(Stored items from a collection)
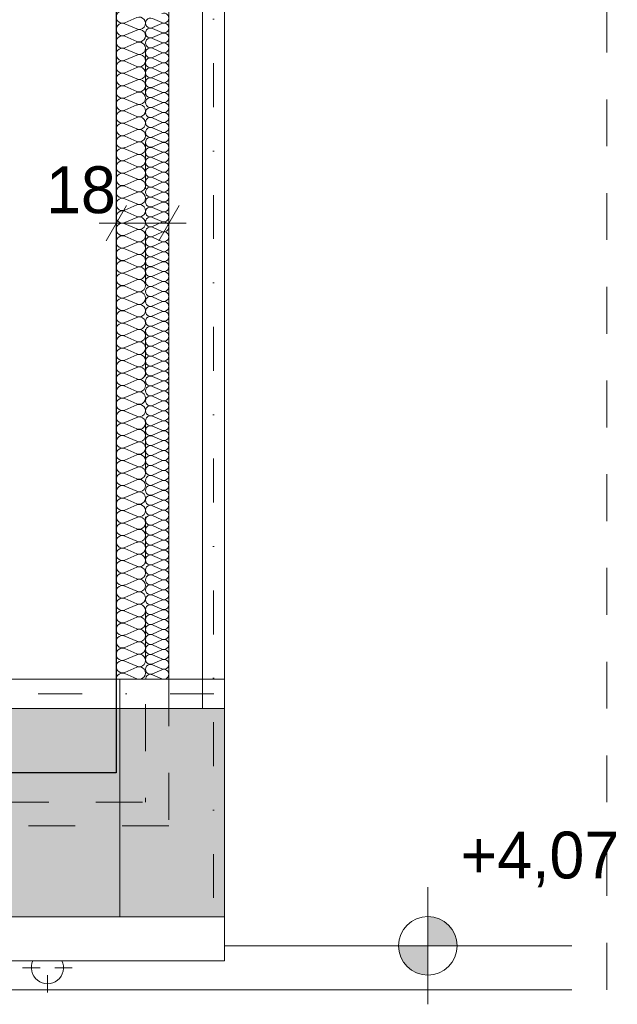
# Model space of a CAD drawing. Extents: x -613240 to -325500, y -25863 to 152403.
# Tile 197 of 254: x -415025 to -412984, y 94123 to 97485. Entities that reach past the tile are written whole.
import ezdxf

# ---------------------------------------------------------------- set-up
doc = ezdxf.new("R2010")
doc.units = 0
doc.header["$MEASUREMENT"] = 0
for name, pattern in [('Dot & Dashed', [450, 150, -150, 0, -150]), ('Hidden Line', [50, 25, -25]), ('Przerywana', [320, 160, -160])]:
    doc.linetypes.add(name, pattern=pattern)
for name, color, linetype, lineweight, true_color in [('Arch dachowki_Nr_Pióra__81', 7, 'Continuous', 9, 0x6a6a6a), ('Arch ocieplenie_Nr_Pióra__44', 7, 'Continuous', 13, 0x029e21), ('Arch wykończenie_Nr_Pióra__3', 7, 'Continuous', 18, 0xff6600), ('arch wypelnienia_Nr_Pióra__2', 7, 'Continuous', 13, 0x7f7f7f), ('INWENT KONST. DREWNIANA_Nr_Pióra__2', 7, 'Continuous', 13, 0x7f7f7f), ('INWENT.ŚCIANY_Nr_Pióra__2', 7, 'Continuous', 13, 0x7f7f7f)]:
    doc.layers.add(name, color=color, linetype=linetype, lineweight=lineweight, true_color=true_color)
for name, color, linetype in [('Arch ocieplenie', 7, 'Continuous'), ('INWENT RZĘDNE', 7, 'Continuous'), ('INWENT WYMIARY', 7, 'Continuous')]:
    doc.layers.add(name, color=color, linetype=linetype)
for name, color, linetype, lineweight in [('INWENT DACH_Nr_Pióra__21', 7, 'Continuous', 9), ('INWENT KONST. DREWNIANA_Nr_Pióra__21', 7, 'Continuous', 9), ('INWENT OPISY_Nr_Pióra__21', 7, 'Continuous', 9), ('INWENT RURY SPUSTOWE_Nr_Pióra__21', 7, 'Continuous', 9), ('INWENT RZĘDNE_Nr_Pióra__21', 7, 'Continuous', 9), ('INWENT WYMIARY_Nr_Pióra__21', 7, 'Continuous', 9), ('INWENT.ŚCIANY_Nr_Pióra__1', 7, 'Continuous', 25)]:
    doc.layers.add(name, color=color, linetype=linetype, lineweight=lineweight)
doc.styles.add('GENERATED_STYLE_1', font='txt')
doc.styles.add('GENERATED_STYLE_2', font='txt')
doc.dimstyles.new('GENERATED_STYLE__2', dxfattribs={"dimtxt": 160.000002, "dimasz": 91.2, "dimexe": 0.18, "dimexo": 0, "dimgap": 0.09, "dimtad": 1, "dimtih": 1, "dimtoh": 1, "dimdec": 0, "dimlfac": 0.1, "dimzin": 0, "dimdsep": 46, "dimtxsty": 'GENERATED_STYLE_1', "dimblk": 'ARROWHEAD_2', "dimblk1": 'ARROWHEAD_2', "dimblk2": 'ARROWHEAD_2', "dimcen": 0.09, "dimclrd": 7, "dimclre": 7, "dimclrt": 7, "dimazin": 0, "dimtfac": 1, "dimtdec": 4, "dimtmove": 0, "dimatfit": 3, "dimfxl": 0, "dimtolj": 1, "dimtzin": 0, "dimarcsym": 0})

# ---------------------------------------------------------------- blocks, each defined once
blk = doc.blocks.new('Izolacja cieplna 14_213', base_point=(-414594.9, 95232.6))
at = {"layer": 'Arch ocieplenie_Nr_Pióra__44', "linetype": 'Continuous'}
for p, q in [((-414538.8, 97474.8), (-414571.1, 97489)), ((-414571.1, 97457.9), (-414538.8, 97472)), ((-414538.8, 97440.9), (-414571.1, 97455)), ((-414571.1, 97423.9), (-414538.8, 97438)), ((-414538.8, 97406.9), (-414571.1, 97421.1)), ((-414571.1, 97390), (-414538.8, 97404.1)), ((-414538.8, 97373), (-414571.1, 97387.1)), ((-414571.1, 97356), (-414538.8, 97370.1)), ((-414538.8, 97339), (-414571.1, 97353.2)), ((-414571.1, 97322.1), (-414538.8, 97336.2)), ((-414538.8, 97305.1), (-414571.1, 97319.2)), ((-414571.1, 97288.1), (-414538.8, 97302.2)), ((-414538.8, 97271.1), (-414571.1, 97285.3)), ((-414571.1, 97254.2), (-414538.8, 97268.3)), ((-414538.8, 97237.2), (-414571.1, 97251.3)), ((-414571.1, 97220.2), (-414538.8, 97234.3)), ((-414538.8, 97203.2), (-414571.1, 97217.4)), ((-414571.1, 97186.3), (-414538.8, 97200.4)), ((-414538.8, 97169.3), (-414571.1, 97183.4)), ((-414571.1, 97152.3), (-414538.8, 97166.4)), ((-414538.8, 97135.3), (-414571.1, 97149.5)), ((-414571.1, 97118.4), (-414538.8, 97132.5)), ((-414538.8, 97101.4), (-414571.1, 97115.5)), ((-414571.1, 97084.4), (-414538.8, 97098.5)), ((-414538.8, 97067.4), (-414571.1, 97081.5)), ((-414571.1, 97050.4), (-414538.8, 97064.6)), ((-414538.8, 97033.5), (-414571.1, 97047.6)), ((-414571.1, 97016.5), (-414538.8, 97030.6)), ((-414538.8, 96999.5), (-414571.1, 97013.6)), ((-414571.1, 96982.5), (-414538.8, 96996.7)), ((-414538.8, 96965.6), (-414571.1, 96979.7)), ((-414571.1, 96948.6), (-414538.8, 96962.7)), ((-414538.8, 96931.6), (-414571.1, 96945.7)), ((-414571.1, 96914.6), (-414538.8, 96928.8)), ((-414538.8, 96897.7), (-414571.1, 96911.8)), ((-414571.1, 96880.7), (-414538.8, 96894.8)), ((-414538.8, 96863.7), (-414571.1, 96877.8)), ((-414571.1, 96846.7), (-414538.8, 96860.9)), ((-414538.8, 96829.8), (-414571.1, 96843.9)), ((-414571.1, 96812.8), (-414538.8, 96826.9)), ((-414538.8, 96795.8), (-414571.1, 96809.9)), ((-414571.1, 96778.8), (-414538.8, 96793)), ((-414538.8, 96761.9), (-414571.1, 96776)), ((-414571.1, 96744.9), (-414538.8, 96759)), ((-414538.8, 96727.9), (-414571.1, 96742)), ((-414571.1, 96710.9), (-414538.8, 96725.1)), ((-414538.8, 96694), (-414571.1, 96708.1)), ((-414571.1, 96677), (-414538.8, 96691.1)), ((-414538.8, 96660), (-414571.1, 96674.1)), ((-414571.1, 96643), (-414538.8, 96657.2)), ((-414538.8, 96626.1), (-414571.1, 96640.2)), ((-414571.1, 96609.1), (-414538.8, 96623.2)), ((-414538.8, 96592.1), (-414571.1, 96606.2)), ((-414571.1, 96575.1), (-414538.8, 96589.2)), ((-414538.8, 96558.1), (-414571.1, 96572.3)), ((-414571.1, 96541.2), (-414538.8, 96555.3)), ((-414538.8, 96524.2), (-414571.1, 96538.3)), ((-414571.1, 96507.2), (-414538.8, 96521.3)), ((-414538.8, 96490.2), (-414571.1, 96504.4)), ((-414571.1, 96473.3), (-414538.8, 96487.4)), ((-414538.8, 96456.3), (-414571.1, 96470.4)), ((-414571.1, 96439.3), (-414538.8, 96453.4)), ((-414538.8, 96422.3), (-414571.1, 96436.5)), ((-414571.1, 96405.4), (-414538.8, 96419.5)), ((-414538.8, 96388.4), (-414571.1, 96402.5)), ((-414571.1, 96371.4), (-414538.8, 96385.5)), ((-414538.8, 96354.4), (-414571.1, 96368.6)), ((-414571.1, 96337.5), (-414538.8, 96351.6)), ((-414538.8, 96320.5), (-414571.1, 96334.6)), ((-414571.1, 96303.5), (-414538.8, 96317.6)), ((-414538.8, 96286.5), (-414571.1, 96300.7)), ((-414571.1, 96269.6), (-414538.8, 96283.7)), ((-414538.8, 96252.6), (-414571.1, 96266.7)), ((-414571.1, 96235.6), (-414538.8, 96249.7)), ((-414538.8, 96218.6), (-414571.1, 96232.8)), ((-414571.1, 96201.7), (-414538.8, 96215.8)), ((-414538.8, 96184.7), (-414571.1, 96198.8)), ((-414571.1, 96167.7), (-414538.8, 96181.8)), ((-414538.8, 96150.7), (-414571.1, 96164.9)), ((-414571.1, 96133.8), (-414538.8, 96147.9)), ((-414538.8, 96116.8), (-414571.1, 96130.9)), ((-414571.1, 96099.8), (-414538.8, 96113.9)), ((-414538.8, 96082.8), (-414571.1, 96097)), ((-414571.1, 96065.9), (-414538.8, 96080)), ((-414538.8, 96048.9), (-414571.1, 96063)), ((-414571.1, 96031.9), (-414538.8, 96046)), ((-414538.8, 96014.9), (-414571.1, 96029)), ((-414571.1, 95997.9), (-414538.8, 96012.1)), ((-414538.8, 95981), (-414571.1, 95995.1)), ((-414571.1, 95964), (-414538.8, 95978.1)), ((-414538.8, 95947), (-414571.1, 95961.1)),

(What to produce)
Among the lines of the data above, find those with the word "font" and show them.

(Task result)
doc.styles.add('GENERATED_STYLE_1', font='txt')
doc.styles.add('GENERATED_STYLE_2', font='txt')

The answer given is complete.